Children with rare, inherited, life-threatening immunodeficiency disorders can now be treated with experimental gene therapy, which has been shown to be effective in restoring immunity. This research was carried out in collaboration with the National Institutes of Health.
It was found that almost 50 children who received this gene therapy restored their immunity 2-3 years later and did not need further treatment for their condition known as ADA-SCID (Combined Immune Deficiency). severe due to adenosine deaminase deficiency). These results were then published in the New England Journal of Medicine.
1 in 200,000 to 1,000,000 babies are observed to contract SCID disease as a newborn. This occurs due to a mutation in the mutation of the ADA gene which is responsible for stopping the activity of the enzyme adenosine deaminase. This adenosine deaminase enzyme is necessary to maintain a healthy immune system.

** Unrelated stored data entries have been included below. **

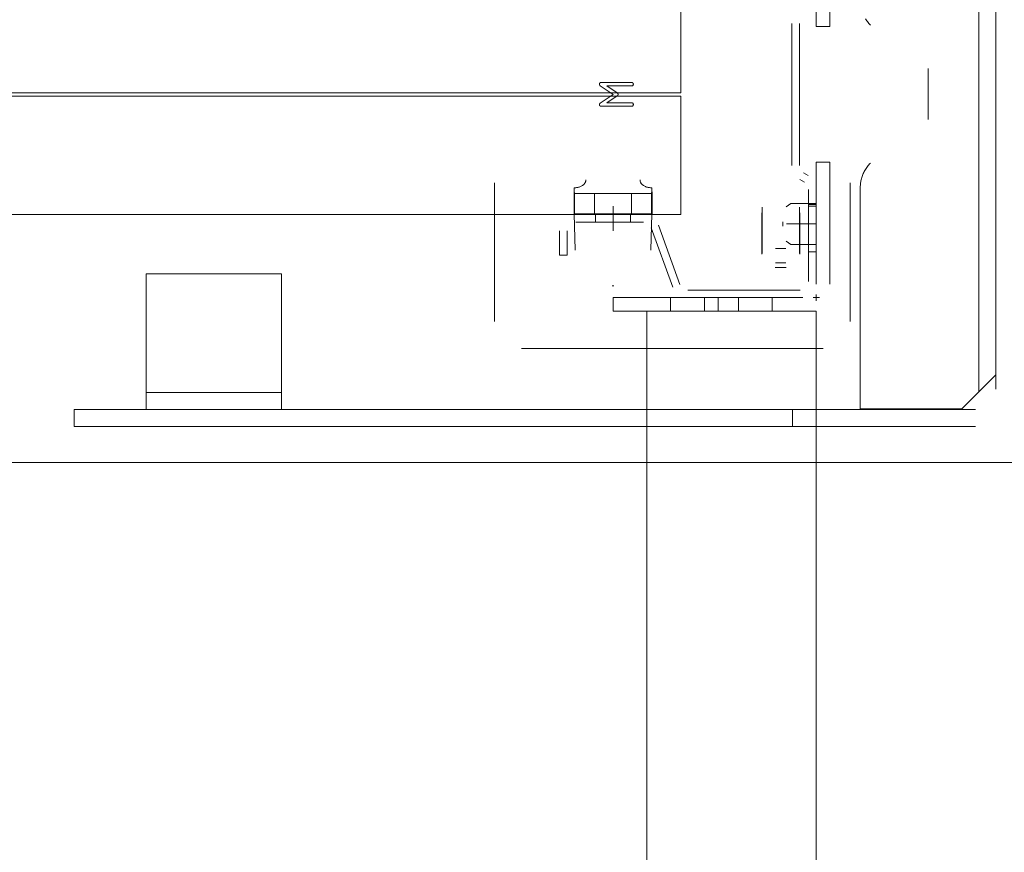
# Model space of a CAD drawing. Header units: millimetres. Extents: x -12989 to 357906, y -50379 to 30884.
# Tile 158 of 256: x 11574 to 11864, y 5547 to 5793. Entities that reach past the tile are written whole.
import ezdxf

# ---------------------------------------------------------------- set-up
doc = ezdxf.new("R2010")
doc.units = ezdxf.units.MM
doc.header["$MEASUREMENT"] = 0
doc.linetypes.add('MITTE2', pattern=[112.5, 75, -12.5, 12.5, -12.5])
doc.layers.add('Nowe_A_WYM_ZEWNETRZNE', color=7, linetype='Continuous')
for name, color, linetype, lineweight in [('Nowe_A_WYM_ZEWNETRZNE_Nr_pióra__1', 7, 'Continuous', 13), ('Nowe_A_WYM_ZEWNETRZNE_Nr_pióra__45', 7, 'Continuous', 15), ('Nowe_A_WYM_ZEWNETRZNE_Nr_pióra__85', 7, 'Continuous', 13), ('Nowe_REGAŁY_Nr_pióra__18', 9, 'Continuous', 13)]:
    doc.layers.add(name, color=color, linetype=linetype, lineweight=lineweight)
doc.styles.add('STYL_AUTOMATYCZNY_3', font='arial.ttf')
doc.dimstyles.new('STYL_AUTOMATYCZNY__1', dxfattribs={"dimtxt": 139.999998, "dimasz": 71.25, "dimexe": 0.18, "dimexo": 0.0625, "dimgap": 0, "dimtad": 1, "dimtih": 1, "dimtoh": 1, "dimdec": 0, "dimlfac": 0.1, "dimzin": 0, "dimdsep": 46, "dimtxsty": 'STYL_AUTOMATYCZNY_3', "dimblk": 'ARROWHEAD_6', "dimblk1": 'ARROWHEAD_6', "dimblk2": 'ARROWHEAD_6', "dimcen": 0.09, "dimse1": 1, "dimse2": 1, "dimclrd": 7, "dimclre": 7, "dimclrt": 7, "dimadec": 0, "dimazin": 0, "dimtfac": 1, "dimtdec": 4, "dimtmove": 0, "dimatfit": 3, "dimfxl": 0, "dimtolj": 1, "dimtzin": 0, "dimarcsym": 0})
doc.dimstyles.new('STYL_AUTOMATYCZNY__2', dxfattribs={"dimtxt": 139.999998, "dimasz": 71.25, "dimexe": 0.18, "dimexo": 0.0625, "dimgap": 0, "dimtad": 1, "dimdec": 0, "dimlfac": 0.1, "dimzin": 0, "dimdsep": 46, "dimtxsty": 'STYL_AUTOMATYCZNY_3', "dimblk": 'ARROWHEAD_6', "dimblk1": 'ARROWHEAD_6', "dimblk2": 'ARROWHEAD_6', "dimcen": 0.09, "dimse1": 1, "dimse2": 1, "dimclrd": 7, "dimclre": 7, "dimclrt": 7, "dimadec": 0, "dimazin": 0, "dimtfac": 1, "dimtdec": 4, "dimtmove": 0, "dimatfit": 3, "dimfxl": 0, "dimtolj": 1, "dimtzin": 0, "dimarcsym": 0})

# ---------------------------------------------------------------- blocks, each defined once
blk = doc.blocks.new('*D267')
at = {"layer": 'Nowe_A_WYM_ZEWNETRZNE_Nr_pióra__45', "color": 7, "linetype": 'Continuous', "lineweight": 15}
for p, q in [((-1341.01, 187.5), (-1266.01, 112.5)), ((-1341.01, 37.5), (-1266.01, -37.5))]:
    blk.add_line(p, q, dxfattribs=at)
at = {"layer": 'Nowe_A_WYM_ZEWNETRZNE_Nr_pióra__85', "color": 7, "linetype": 'Continuous', "lineweight": 13}
for p, q in [((-1303.51, 150), (-1303.51, 6849.85)), ((-1233.2, 150), (-1373.83, 150)), ((-1303.51, 0), (-1303.51, 150)), ((-1233.2, 0), (-1373.83, 0)), ((-1303.51, -56.25), (-1303.51, 0))]:
    blk.add_line(p, q, dxfattribs=at)
at = {"layer": 'Nowe_A_WYM_ZEWNETRZNE_Nr_pióra__1', "color": 7, "lineweight": 13, "insert": (-1331.51, -251.06), "char_height": 140, "attachment_point": 7, "rotation": 90, "style": 'STYL_AUTOMATYCZNY_3'}
blk.add_mtext('\\A1;{\\pql;\\fArial|b0|i0|c238|p0;\\W1.000000;15}', dxfattribs=at)
blk = doc.blocks.new('ARROWHEAD_6')
at = {"color": 0, "linetype": 'Continuous', "lineweight": 0}
for p, q in [((-0.5, -0.5), (0.5, 0.5)), ((0, 0), (-1, 0))]:
    blk.add_line(p, q, dxfattribs=at)
blk = doc.blocks.new('*D268')
at = {"layer": 'Nowe_A_WYM_ZEWNETRZNE_Nr_pióra__45', "color": 7, "linetype": 'Continuous', "lineweight": 15}
blk.add_line((-1341.01, 187.5), (-1266.01, 112.5), dxfattribs=at)
at = {"layer": 'Nowe_A_WYM_ZEWNETRZNE_Nr_pióra__85', "color": 7, "linetype": 'Continuous', "lineweight": 13}
blk.add_line((-1303.51, 150), (-1303.51, 6849.85), dxfattribs=at)
blk = doc.blocks.new('*D269')
at = {"layer": 'Nowe_A_WYM_ZEWNETRZNE_Nr_pióra__45', "color": 7, "linetype": 'Continuous', "lineweight": 15}
for p, q in [((-1341.01, 6887.35), (-1266.01, 6812.35)), ((-1341.01, 187.5), (-1266.01, 112.5))]:
    blk.add_line(p, q, dxfattribs=at)
at = {"layer": 'Nowe_A_WYM_ZEWNETRZNE_Nr_pióra__85', "color": 7, "linetype": 'Continuous', "lineweight": 13}
for p, q in [((-1233.2, 6849.85), (-1373.83, 6849.85)), ((-1303.51, 150), (-1303.51, 6849.85))]:
    blk.add_line(p, q, dxfattribs=at)
at = {"layer": 'Nowe_A_WYM_ZEWNETRZNE_Nr_pióra__1', "color": 7, "lineweight": 13, "char_height": 140, "attachment_point": 7, "rotation": 90, "style": 'STYL_AUTOMATYCZNY_3'}
for s, insert in [('\\A1;{\\pql;\\fArial|b0|i0|c238|p0;\\W1.000000;15}', (-1331.51, 6598.78)), ('\\A1;{\\pql;\\fArial|b0|i0|c238|p0;\\W1.000000;670}', (-1331.51, 3232.97))]:
    blk.add_mtext(s, dxfattribs=dict(at, insert=insert))
blk = doc.blocks.new('*D279')
at = {"layer": 'Nowe_A_WYM_ZEWNETRZNE_Nr_pióra__45', "color": 7, "linetype": 'Continuous', "lineweight": 15}
for p, q in [((5753.24, 5699.85), (5678.24, 5624.85)), ((36387.5, 5699.85), (36312.5, 5624.85))]:
    blk.add_line(p, q, dxfattribs=at)
at = {"layer": 'Nowe_A_WYM_ZEWNETRZNE_Nr_pióra__85', "color": 7, "linetype": 'Continuous', "lineweight": 13}
for p, q in [((5715.74, 5592.04), (5715.74, 5732.66)), ((36350, 5592.04), (36350, 5732.66)), ((5715.74, 5662.35), (36350, 5662.35))]:
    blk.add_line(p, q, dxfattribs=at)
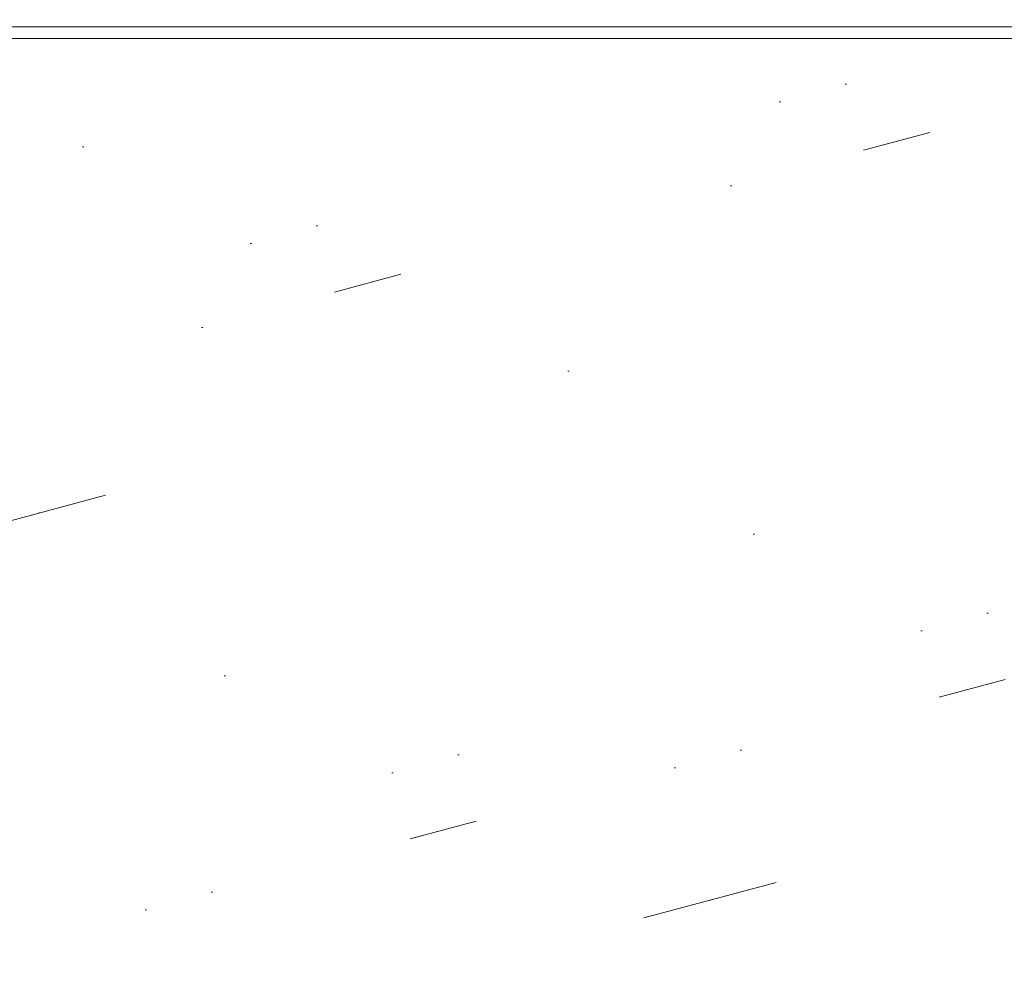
# Model space of a CAD drawing. Header units: millimetres. Extents: x 83969 to 164243, y -22860 to 4849.
# Tile 99 of 116: x 163436.43 to 163439.3, y -21349.39 to -21346.58. Entities that reach past the tile are written whole.
import ezdxf

# ---------------------------------------------------------------- set-up
doc = ezdxf.new("R2010")
doc.units = ezdxf.units.MM
doc.layers.get('0').update_dxf_attribs({"color": 251, "lineweight": 0})

# ---------------------------------------------------------------- blocks, each defined once
blk = doc.blocks.new('Panel QuickNet na 4 sloty_1U')
at = {"color": 0}
blk.add_line((2.222499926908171, 1.631873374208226e-07), (46.67249992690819, 1.631873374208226e-07), dxfattribs=at)
blk = doc.blocks.new('Panel zaślepiający 2U')
h = blk.add_hatch()
h.set_pattern_fill('GROUT', color=256, scale=0.25, angle=15, style=0)
h.set_pattern_definition([(15, (-221.187624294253, -203.5279369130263), (-0.3507189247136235, 2.535626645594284), [0.3175, -2.2225]), (15, (-221.1274679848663, -202.5257175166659), (-0.6574003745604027, 2.453451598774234), [0, -2.54]), (15, (-221.8009871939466, -203.6922870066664), (0.2626439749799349, 2.699976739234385), [0, -2.54]), (15, (-222.2940374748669, -201.8521983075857), (1.796051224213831, 3.110851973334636), [0.635, -4.445]), (15, (-220.0430735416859, -202.8925552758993), (-0.6574003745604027, 2.453451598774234), [0, -2.54]), (15, (-220.5742613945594, -203.3635868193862), (-0.04403747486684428, 2.617801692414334), [0, -2.54]), (15, (-220.3497549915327, -202.9747303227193), (-0.6574003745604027, 2.453451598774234), [0, -2.54]), (15, (-221.9873560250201, -201.7700232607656), (-0.6574003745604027, 2.453451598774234), [0, -2.54])])
h.paths.add_polyline_path([(46.67249973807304, 6.476403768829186e-08), (48.89499973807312, 6.476403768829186e-08), (48.89499973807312, 4.445000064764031), (48.89500005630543, 8.889999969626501), (46.67250005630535, 8.889999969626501), (46.67250005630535, 8.578849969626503, -0.9999999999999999), (46.36135005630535, 8.578849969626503), (46.36135005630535, 8.802988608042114), (2.533650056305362, 8.802988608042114), (2.533650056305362, 8.578849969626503, -0.9999999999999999), (2.222500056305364, 8.578849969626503), (2.222500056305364, 8.889999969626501), (5.630533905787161e-08, 8.889999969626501), (5.630533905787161e-08, 4.444999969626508), (-2.619269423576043e-07, 6.476403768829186e-08), (2.222499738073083, 6.476403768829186e-08), (2.222499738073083, 0.3111500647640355, -0.9999999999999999), (2.53364973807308, 0.3111500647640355), (2.53364973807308, 0.03924461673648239), (46.36134973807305, 0.03924461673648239), (46.36134973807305, 0.3111500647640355, -0.9999999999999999), (46.67249973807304, 0.3111500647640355)])
blk.add_line((46.36135005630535, 8.802988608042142), (2.533650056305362, 8.802988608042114))

msp = doc.modelspace()

# ---------------------------------------------------------------- block references
at = {"xscale": 0.6288110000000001, "yscale": 0.6288110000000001, "zscale": 0.6288110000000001}
for name, p in [('Panel QuickNet na 4 sloty_1U', (163433.5296105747, -21346.60113977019)), ('Panel zaślepiający 2U', (163433.5187035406, -21352.17092112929))]:
    msp.add_blockref(name, p, dxfattribs=at)

doc.saveas('drawing.dxf')

This disease is usually fatal within 2 to 3 years of birth if left untreated. This disease is usually associated with the immune system making the person vulnerable to many diseases which end up being fatal.
The director of the NIH’s National Institute of Allergy and Infectious Diseases (NIAID) said that, according to research, gene therapy could potentially help overcome this disease in newborns as well as children. In addition, this gene therapy is a one-time treatment after which a person can live a healthy life with an excellent immune system.
There are other ways to treat this disease as well, but no treatment works as gene therapy. Other treatments include, enzyme replacement therapy, hematopoietic stem cell transplants, etc.
The latest experiments suggest that lentiviral gene therapy is the safest of all existing gene therapies and gives better results than others. This procedure involves the insertion of the ADA gene into the patient’s own hematopoietic stem cells.
These have been shown to be effective and constitute a one-time therapy that would certainly save the lives of millions of people.